(Beginning of RECORDS TO USE)
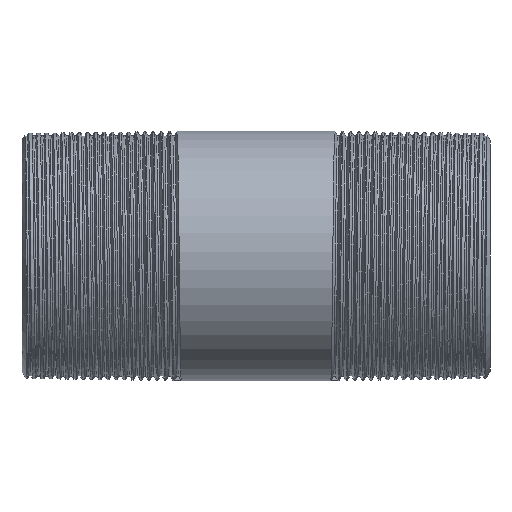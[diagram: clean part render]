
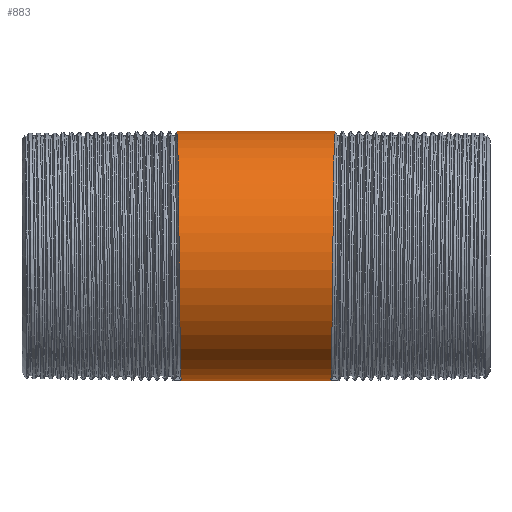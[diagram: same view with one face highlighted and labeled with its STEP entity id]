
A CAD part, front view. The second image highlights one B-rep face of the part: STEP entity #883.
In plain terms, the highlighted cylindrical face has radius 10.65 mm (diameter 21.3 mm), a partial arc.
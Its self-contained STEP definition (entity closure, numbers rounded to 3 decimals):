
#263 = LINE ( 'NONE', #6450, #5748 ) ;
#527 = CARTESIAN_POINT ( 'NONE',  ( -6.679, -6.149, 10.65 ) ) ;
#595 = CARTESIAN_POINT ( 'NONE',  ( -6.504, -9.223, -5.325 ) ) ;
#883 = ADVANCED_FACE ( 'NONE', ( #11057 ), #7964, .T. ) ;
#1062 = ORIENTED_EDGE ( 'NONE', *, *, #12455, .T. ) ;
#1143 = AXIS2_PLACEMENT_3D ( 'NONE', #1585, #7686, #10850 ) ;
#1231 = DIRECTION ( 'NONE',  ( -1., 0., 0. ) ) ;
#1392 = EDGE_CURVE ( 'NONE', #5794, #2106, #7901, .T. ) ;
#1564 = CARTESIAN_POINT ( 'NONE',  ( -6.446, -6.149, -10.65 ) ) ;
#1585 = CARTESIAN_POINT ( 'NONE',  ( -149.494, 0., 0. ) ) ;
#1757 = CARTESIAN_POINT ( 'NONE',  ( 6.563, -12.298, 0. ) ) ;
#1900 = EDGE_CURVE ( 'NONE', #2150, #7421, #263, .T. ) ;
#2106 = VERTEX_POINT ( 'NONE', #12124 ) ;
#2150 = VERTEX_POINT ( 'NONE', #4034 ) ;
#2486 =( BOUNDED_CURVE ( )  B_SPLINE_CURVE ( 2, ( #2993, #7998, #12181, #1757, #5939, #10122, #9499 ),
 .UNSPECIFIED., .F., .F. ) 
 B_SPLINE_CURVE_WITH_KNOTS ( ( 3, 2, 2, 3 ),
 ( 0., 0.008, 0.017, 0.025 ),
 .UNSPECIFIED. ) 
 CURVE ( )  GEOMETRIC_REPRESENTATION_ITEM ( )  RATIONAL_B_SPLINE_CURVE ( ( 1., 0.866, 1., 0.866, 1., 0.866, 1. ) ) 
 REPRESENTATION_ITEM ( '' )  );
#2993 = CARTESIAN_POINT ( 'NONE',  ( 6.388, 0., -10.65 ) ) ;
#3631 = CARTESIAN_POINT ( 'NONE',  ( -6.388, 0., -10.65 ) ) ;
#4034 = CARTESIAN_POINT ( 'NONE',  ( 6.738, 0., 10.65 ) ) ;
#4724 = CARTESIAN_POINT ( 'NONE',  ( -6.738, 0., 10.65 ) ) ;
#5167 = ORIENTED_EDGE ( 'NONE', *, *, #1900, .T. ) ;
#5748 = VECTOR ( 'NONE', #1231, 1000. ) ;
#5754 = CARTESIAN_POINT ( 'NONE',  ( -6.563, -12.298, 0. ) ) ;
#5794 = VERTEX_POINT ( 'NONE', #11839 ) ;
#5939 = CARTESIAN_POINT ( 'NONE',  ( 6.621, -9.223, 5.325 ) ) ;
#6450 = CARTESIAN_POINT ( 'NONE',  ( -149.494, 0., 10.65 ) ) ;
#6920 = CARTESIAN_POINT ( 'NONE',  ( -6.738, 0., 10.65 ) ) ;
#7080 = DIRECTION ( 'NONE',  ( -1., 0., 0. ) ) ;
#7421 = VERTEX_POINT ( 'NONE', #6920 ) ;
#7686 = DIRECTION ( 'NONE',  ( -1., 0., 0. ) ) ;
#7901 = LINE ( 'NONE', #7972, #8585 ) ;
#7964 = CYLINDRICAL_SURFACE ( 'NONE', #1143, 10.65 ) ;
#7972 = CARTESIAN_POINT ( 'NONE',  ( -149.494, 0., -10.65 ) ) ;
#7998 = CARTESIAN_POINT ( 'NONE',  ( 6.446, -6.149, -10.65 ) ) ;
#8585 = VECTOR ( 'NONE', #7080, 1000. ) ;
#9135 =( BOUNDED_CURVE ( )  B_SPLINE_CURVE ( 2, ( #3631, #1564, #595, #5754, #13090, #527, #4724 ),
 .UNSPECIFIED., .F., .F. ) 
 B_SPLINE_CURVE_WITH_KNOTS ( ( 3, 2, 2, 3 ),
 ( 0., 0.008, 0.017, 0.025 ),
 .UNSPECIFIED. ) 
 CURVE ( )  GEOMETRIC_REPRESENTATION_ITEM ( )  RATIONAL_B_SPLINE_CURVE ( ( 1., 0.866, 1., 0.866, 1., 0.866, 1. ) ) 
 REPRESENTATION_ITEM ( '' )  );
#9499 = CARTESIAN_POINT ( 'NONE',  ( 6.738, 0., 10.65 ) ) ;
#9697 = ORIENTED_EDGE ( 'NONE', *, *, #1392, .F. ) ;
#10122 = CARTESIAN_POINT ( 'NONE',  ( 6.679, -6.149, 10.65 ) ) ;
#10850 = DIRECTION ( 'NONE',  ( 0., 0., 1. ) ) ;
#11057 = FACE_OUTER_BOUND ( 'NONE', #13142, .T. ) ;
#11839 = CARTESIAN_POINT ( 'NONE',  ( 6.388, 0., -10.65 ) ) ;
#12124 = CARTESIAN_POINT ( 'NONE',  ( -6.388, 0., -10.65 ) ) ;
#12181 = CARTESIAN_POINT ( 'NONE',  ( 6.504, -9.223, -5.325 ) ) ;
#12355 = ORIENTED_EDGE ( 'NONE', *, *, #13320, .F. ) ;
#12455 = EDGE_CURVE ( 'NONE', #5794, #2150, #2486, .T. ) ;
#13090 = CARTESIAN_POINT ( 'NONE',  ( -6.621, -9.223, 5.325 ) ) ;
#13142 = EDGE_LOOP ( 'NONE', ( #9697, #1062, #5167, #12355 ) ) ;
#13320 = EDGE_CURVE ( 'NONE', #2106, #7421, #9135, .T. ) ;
(End of RECORDS TO USE)
■ **TASK DETAILS**:
Repeat verbatim the lines between the start of the data and the line containing "#1231 = DIRECTION", both ends included, omitting all pictures.

■ **WRITTEN RESPONSE**:
[diagram: clean part render]
[diagram: same view with one face highlighted and labeled with its STEP entity id]
A CAD part, front view. The second image highlights one B-rep face of the part: STEP entity #883.
In plain terms, the highlighted cylindrical face has radius 10.65 mm (diameter 21.3 mm), a partial arc.
Its self-contained STEP definition (entity closure, numbers rounded to 3 decimals):
#263 = LINE ( 'NONE', #6450, #5748 ) ;
#527 = CARTESIAN_POINT ( 'NONE',  ( -6.679, -6.149, 10.65 ) ) ;
#595 = CARTESIAN_POINT ( 'NONE',  ( -6.504, -9.223, -5.325 ) ) ;
#883 = ADVANCED_FACE ( 'NONE', ( #11057 ), #7964, .T. ) ;
#1062 = ORIENTED_EDGE ( 'NONE', *, *, #12455, .T. ) ;
#1143 = AXIS2_PLACEMENT_3D ( 'NONE', #1585, #7686, #10850 ) ;
#1231 = DIRECTION ( 'NONE',  ( -1., 0., 0. ) ) ;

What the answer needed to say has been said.